Note that we want to run
benchmark function as job, it can take in a couple of arguments like
n_init which determines the number of times the k-means algorithm will be run with different centroid seeds. The final results will be the best output of n_init consecutive runs in terms of inertia.
It also takes in another argument
save_to_relic which if passed as
True will save the matplotlib plot to Relics. We will see how to use Relics in the next section.
To deploy this job all we need to run is this single command on shell terminal or you can use the "Compute Fabric" strategy as well.
nbx jobs upload \ main:benchmark \ --id "<my_id>" \ --trigger
We have also ensure that you can pass arguments to the running function through CLI as well. So if you want to save the resulting image in the Relics, you can simply append
--save_to_relic True to the above command.
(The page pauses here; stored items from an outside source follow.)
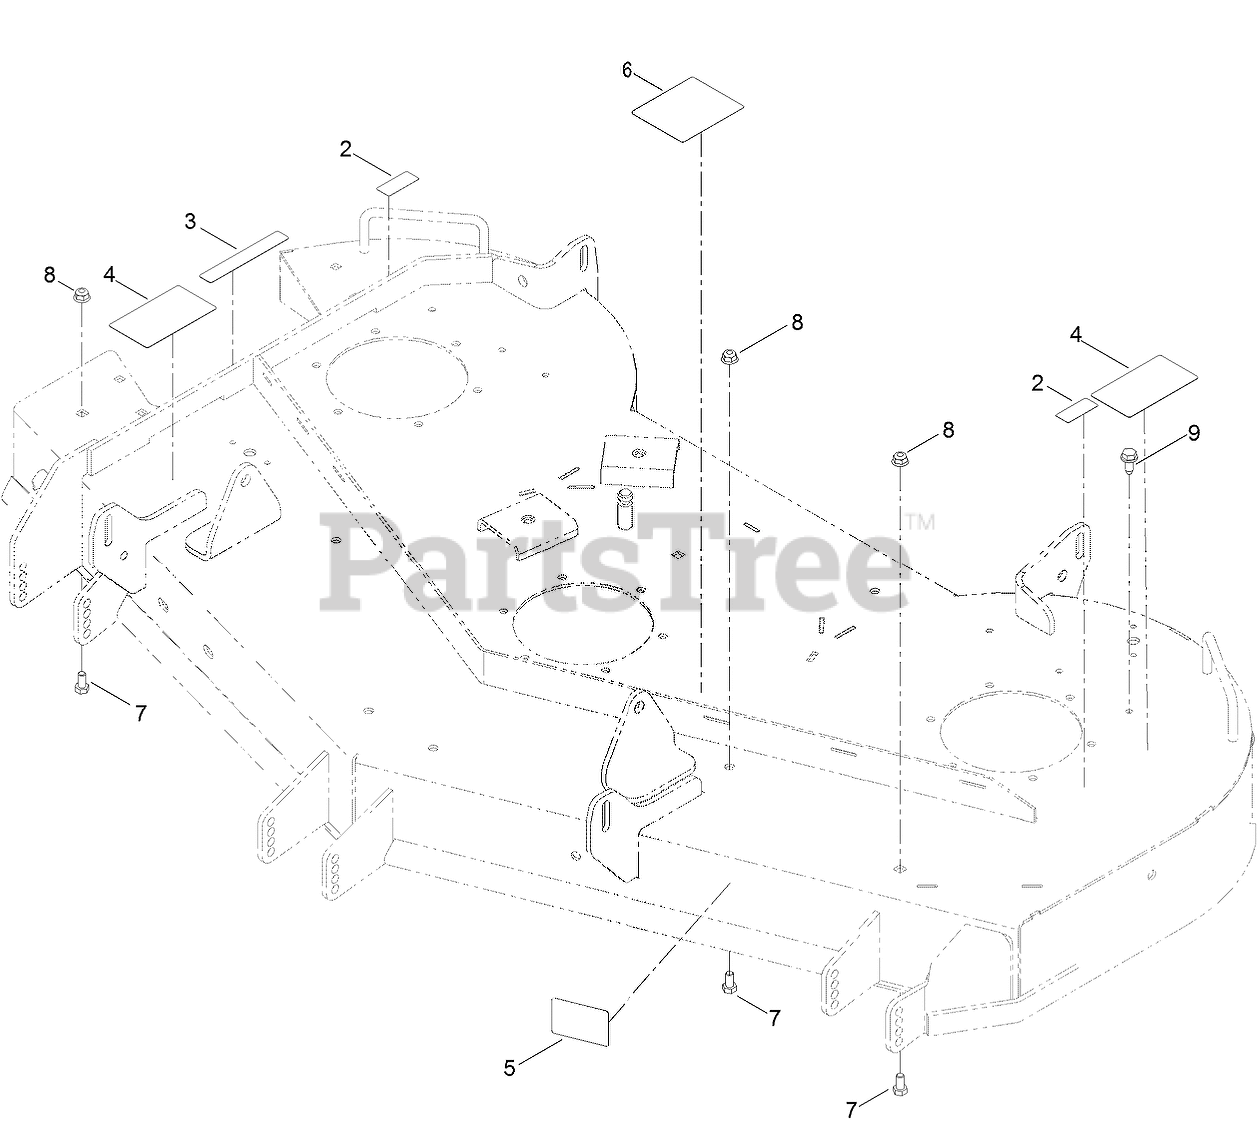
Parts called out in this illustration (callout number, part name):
2	DECAL-DANGER
3	DECAL-DANGER
4	DECAL-DANGER
5	DECAL-SCALP, ANTI
6	DECAL-ROUTING, BELT
7	SCREW-HH
8	NUT-HF, NI
9	SCREW-HWHTF
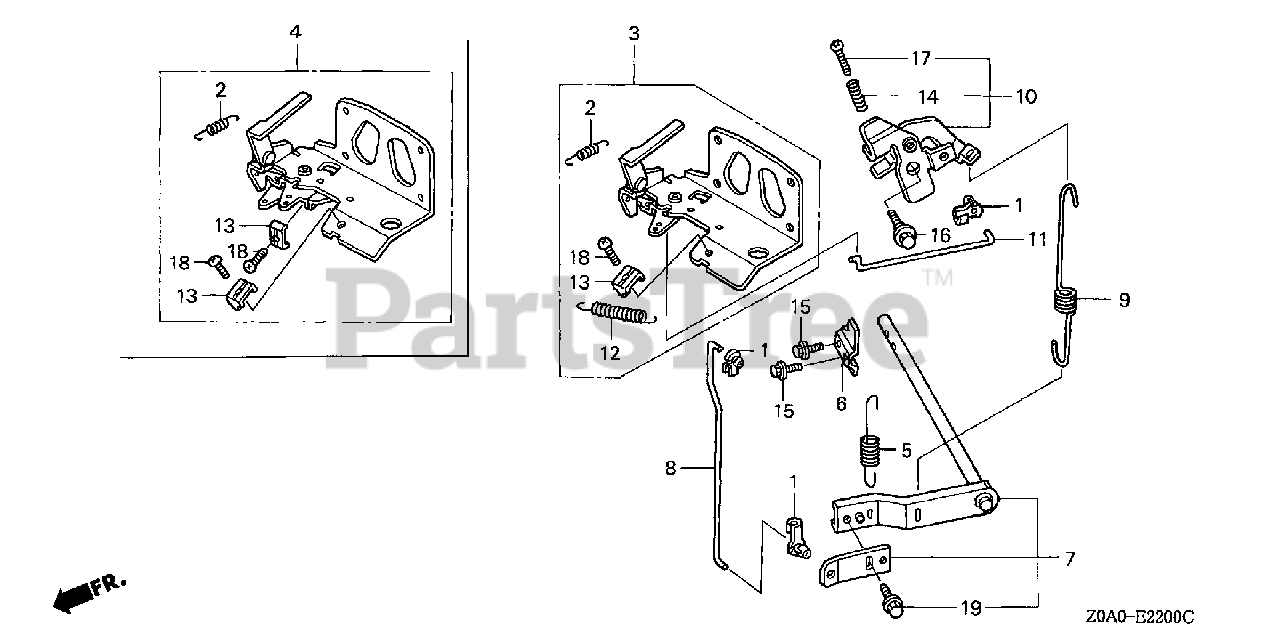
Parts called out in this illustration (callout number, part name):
1	ROD, JOINT
2	SPRING, CHOKE RETURN
4	CONTROL ASSY. (2-LEVER)
5	SPRING, STARTER
6	FORK, GOVERNOR
7	ARM, GOVERNOR
8	ROD, GOVERNOR
9	SPRING, GOVERNOR
10	LINK, GOVERNOR
11	ROD, GOVERNOR LINK
13	HOLDER, CABLE
14	SPRING, CONTROL ADJUSTING
15	BOLT, FLANGE (5X10)
16	BOLT, FLANGE (6MM) (CT200)
17	SCREW, RECESSED (5X25)
18	SCREW, PAN (5X16)
19	BOLT, FLANGE (6X10)
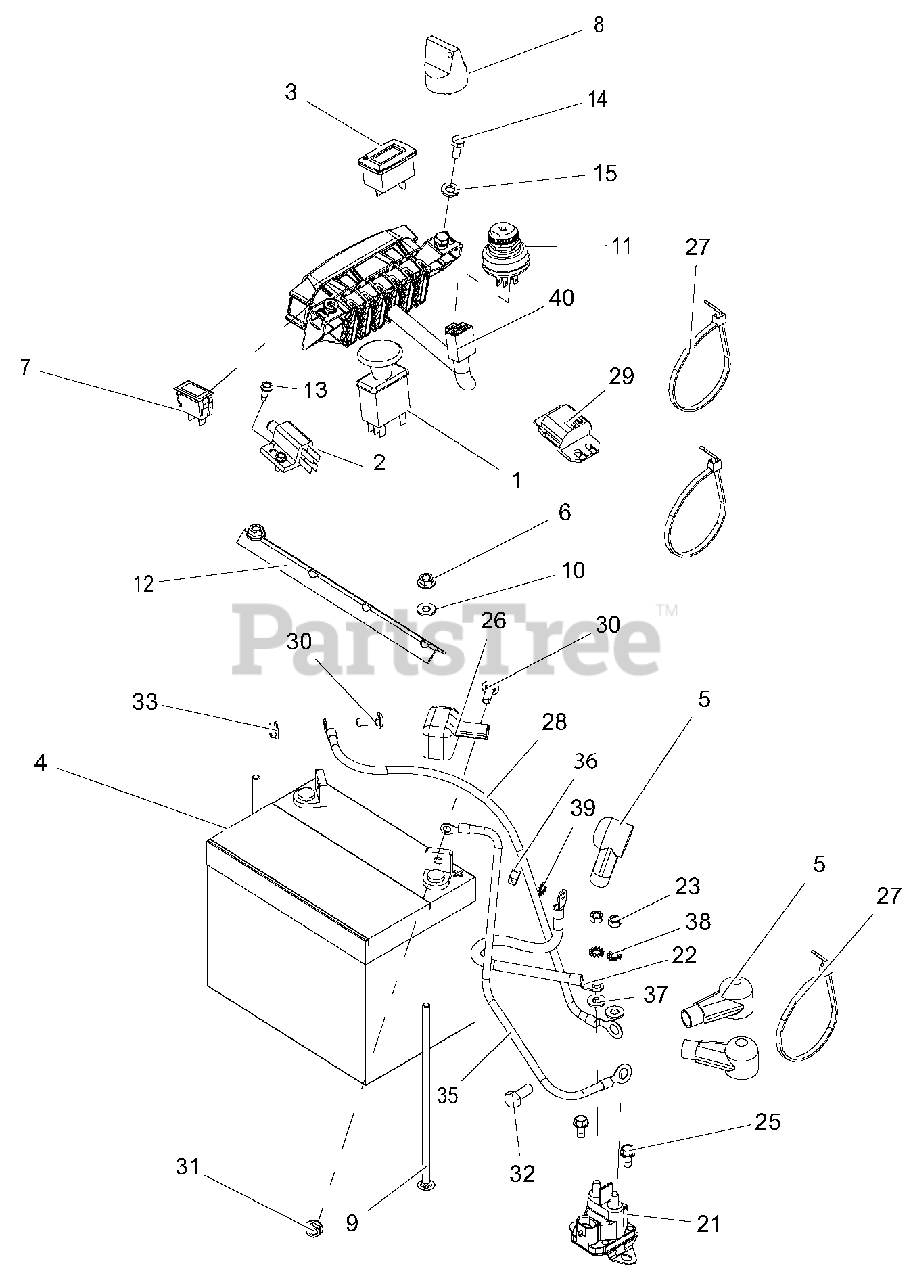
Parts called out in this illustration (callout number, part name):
1	SWITCH, CLUTCH
2	SWITCH- DOUBLE POLE N.O./N.O.
3	METER, HOUR W/MAINTENANCE
4	BATTERY, 12V-U1-CCA270MIN
5	BOOT, BATTERY TERMINAL-RED
6	@NUT-SPNLK-FLG .25-20 YWZC
7	LIGHT, INDICATOR
8	KEY, W/ COVER
9	BLT-RDHDSQNK .25-20X7.50 G2 YWZC
10	WSHR-FL-STL.281X.62X.065 YWZC
11	SWITCH, IGNITION
12	HOLD DOWN - BLK
13	SCR-TAP 10-24X.50 HWH TR YWZC
14	@BLT-HEX M6-1X16 YWZC
15	WSHR-LK .31X.078 REG YWZC
21	SOLENOID, STARTER (SEALED)
22	CABLE, POS W/(2) 1/4 RING 9.0 LG
23	NUT-HEX M6-1.00 YWZC
25	SCR, TAP .25-20X.50
26	INSULATOR
27	CABLE, TIE 5.50 LG
28	CABLE-GROUND .25 X 13.00 X .31 REV A2
29	MODULE, INTERLOCK
30	BLT-RDHDSQNK .25-20X.75 G5 YWZC
31	@NUT-SPNLK-FLG .25-20 YWZC
32	@BLT-HEX M8-1.25X20 YWZC
33	@NUT-SPNLK-FLG .25-20 YWZC
35	CABLE, STARTER 13.00"
36	NUT-LK-CTR .25-20 YWZC
37	WSHR-FL-STL.281X.62X.065 YWZC
38	@, WSHR-LK-EXT.262X.502X.026 YWZC
39	@, WSHR-LK-EXT.262X.502X.026 YWZC
40	HARNESS, PROSTANCE WIRING

On the dashboard you will see logs that look like this:
[2023-01-24T07:10:15+0000] [INFO] [auth.py:136] Current workspace id: None (None) [2023-01-24T07:10:16+0000] [INFO] [dist.py:49] Workspace Id: wnja9glc [2023-01-24T07:10:16+0000] [INFO] [dist.py:61] Tag: [2023-01-24T07:10:16+0000] [INFO] [dist.py:87] Looking for init.pkl at hxo6nga7/args_kwargs # digits: 10; # samples: 1797; # features 64 __________________________________________________________________________________ init time inertia homo compl v-meas ARI AMI silhouette k-means++ 0.637s 69662 0.680 0.719 0.699 0.570 0.695 0.175 random 0.145s 69707 0.675 0.716 0.694 0.560 0.691 0.167 PCA-based 0.107s 72686 0.636 0.658 0.647 0.521 0.643 0.147 [2023-01-24T07:10:20+0000] [INFO] [dist.py:104] Saving output to hxo6nga7/return [2023-01-24T07:10:20+0000] [INFO] [dist.py:113] Job hxo6nga7 completed with status 7
In this demo we saw how you can run a job on the NimbleBox platform.